* _What the exercise asks_
With all images omitted, write out the records word for word.
##### Information shown
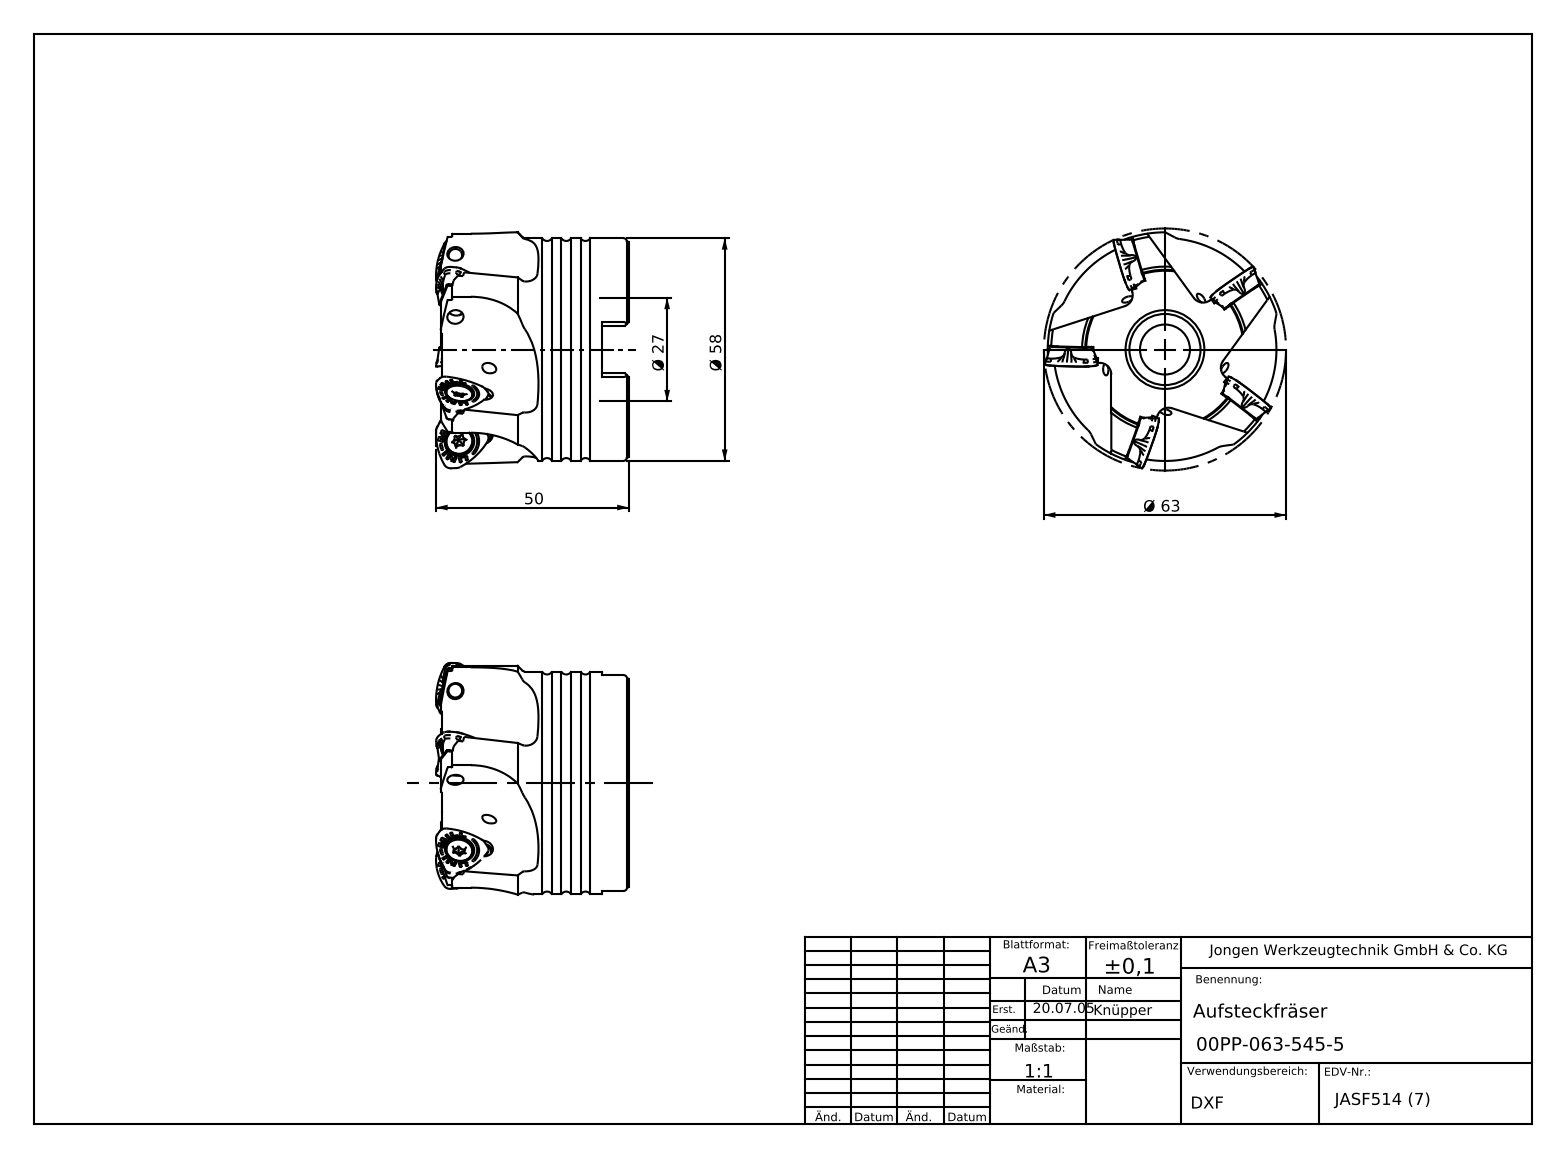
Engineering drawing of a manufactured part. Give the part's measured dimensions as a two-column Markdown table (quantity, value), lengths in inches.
| quantity | value |
| --- | --- |
| part name | 00PP-063-545-5 |
| STEP written by | SolidWorks 2012 (AUTOMOTIVE_DESIGN) |
| units | inches |
| bodies | 1 solid, 229 faces (86 planar, 75 cylindrical, 68 other) |
| overall size | 2.48 × 2.48 × 1.969 |
| volume | 5.959 in³ |
| surface area | 34.05 in² |
| round holes (diameter × count) | 0.118 × 5, 0.512 × 1, 0.728 × 1, 1.055 × 1, 1.063 × 1, 1.069 × 1, 1.075 × 1 |
| round bosses / shafts (diameter × count) | 2.283 × 1 |
| partial cylindrical surfaces (radius × count) | 0.059 × 10, 0.098 × 5, 0.118 × 5, 0.828 × 5, 1.201 × 1 |
| main face-to-face distances | 1.915, 0.274, 1.642, 0.488, 1.376, 1.102, 0.539, 0.051, 0.306, 0.794 |
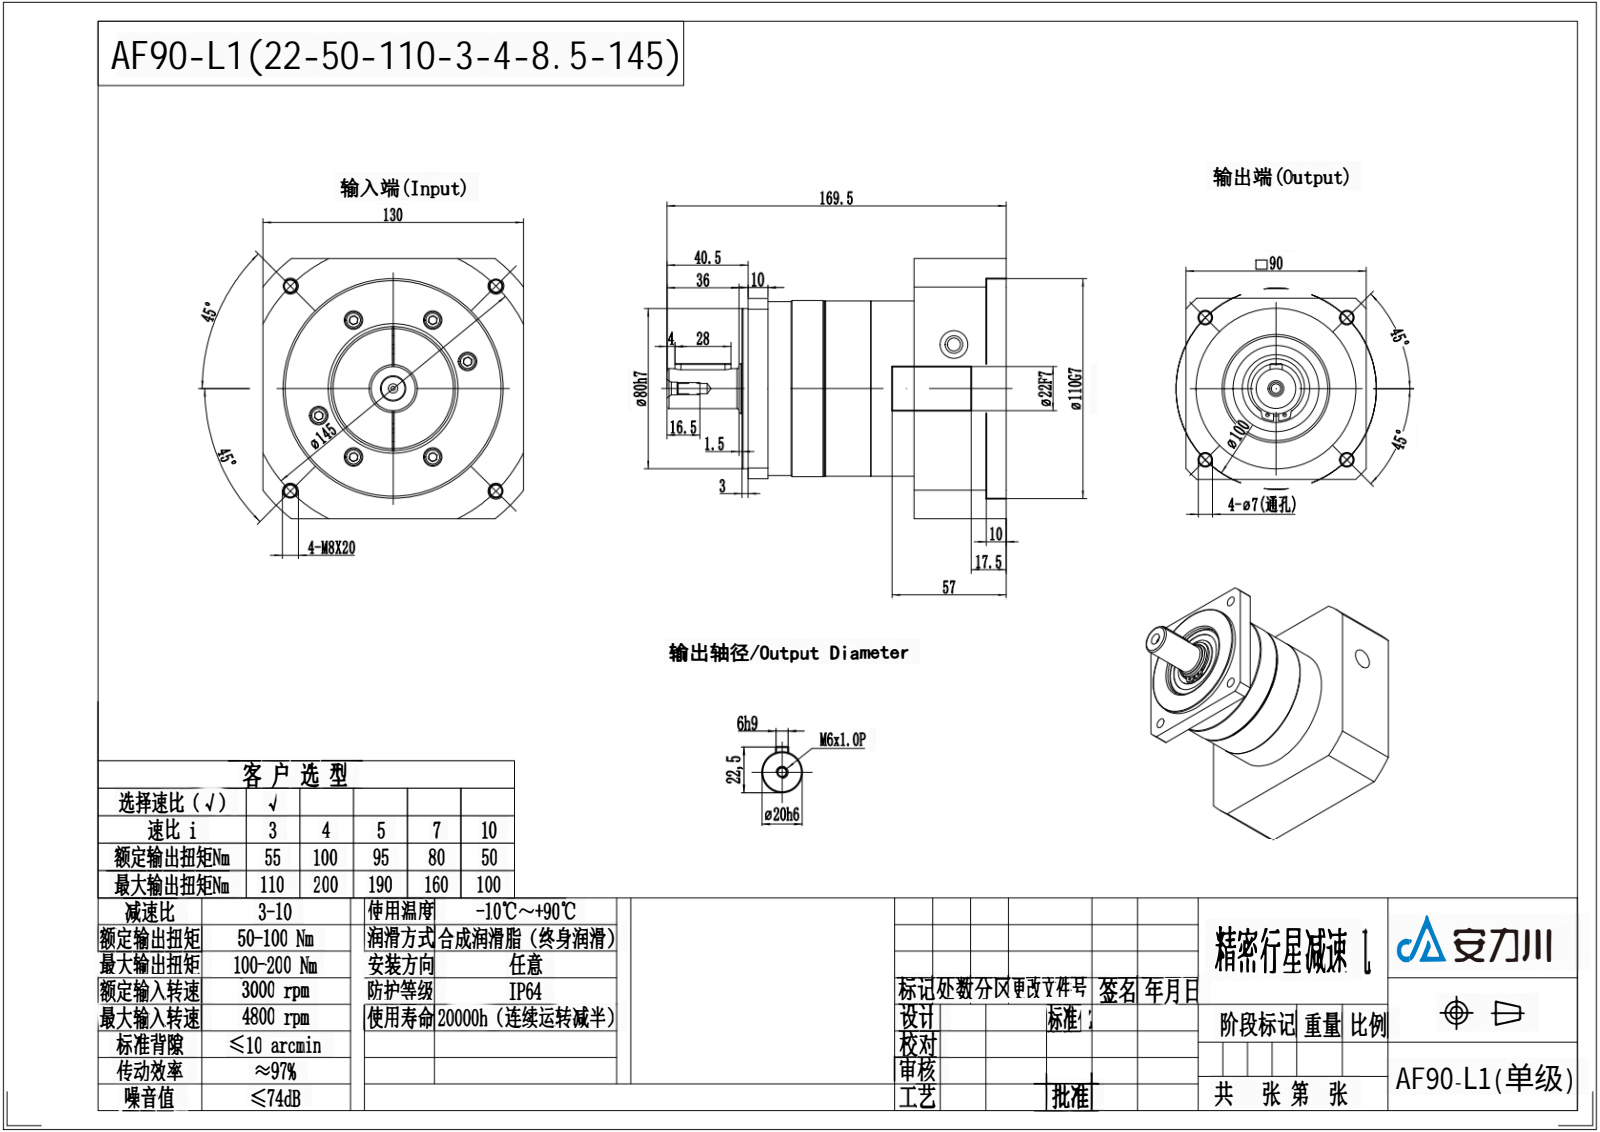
##########
* _Task output_
Engineering drawing of a manufactured part. Give the part's measured dimensions as a two-column Markdown table (quantity, value), lengths in inches.
| quantity | value |
| --- | --- |
| part name | 00PP-063-545-5 |
| STEP written by | SolidWorks 2012 (AUTOMOTIVE_DESIGN) |
| units | inches |
| bodies | 1 solid, 229 faces (86 planar, 75 cylindrical, 68 other) |
| overall size | 2.48 × 2.48 × 1.969 |
| volume | 5.959 in³ |
| surface area | 34.05 in² |
| round holes (diameter × count) | 0.118 × 5, 0.512 × 1, 0.728 × 1, 1.055 × 1, 1.063 × 1, 1.069 × 1, 1.075 × 1 |
| round bosses / shafts (diameter × count) | 2.283 × 1 |
| partial cylindrical surfaces (radius × count) | 0.059 × 10, 0.098 × 5, 0.118 × 5, 0.828 × 5, 1.201 × 1 |
| main face-to-face distances | 1.915, 0.274, 1.642, 0.488, 1.376, 1.102, 0.539, 0.051, 0.306, 0.794 |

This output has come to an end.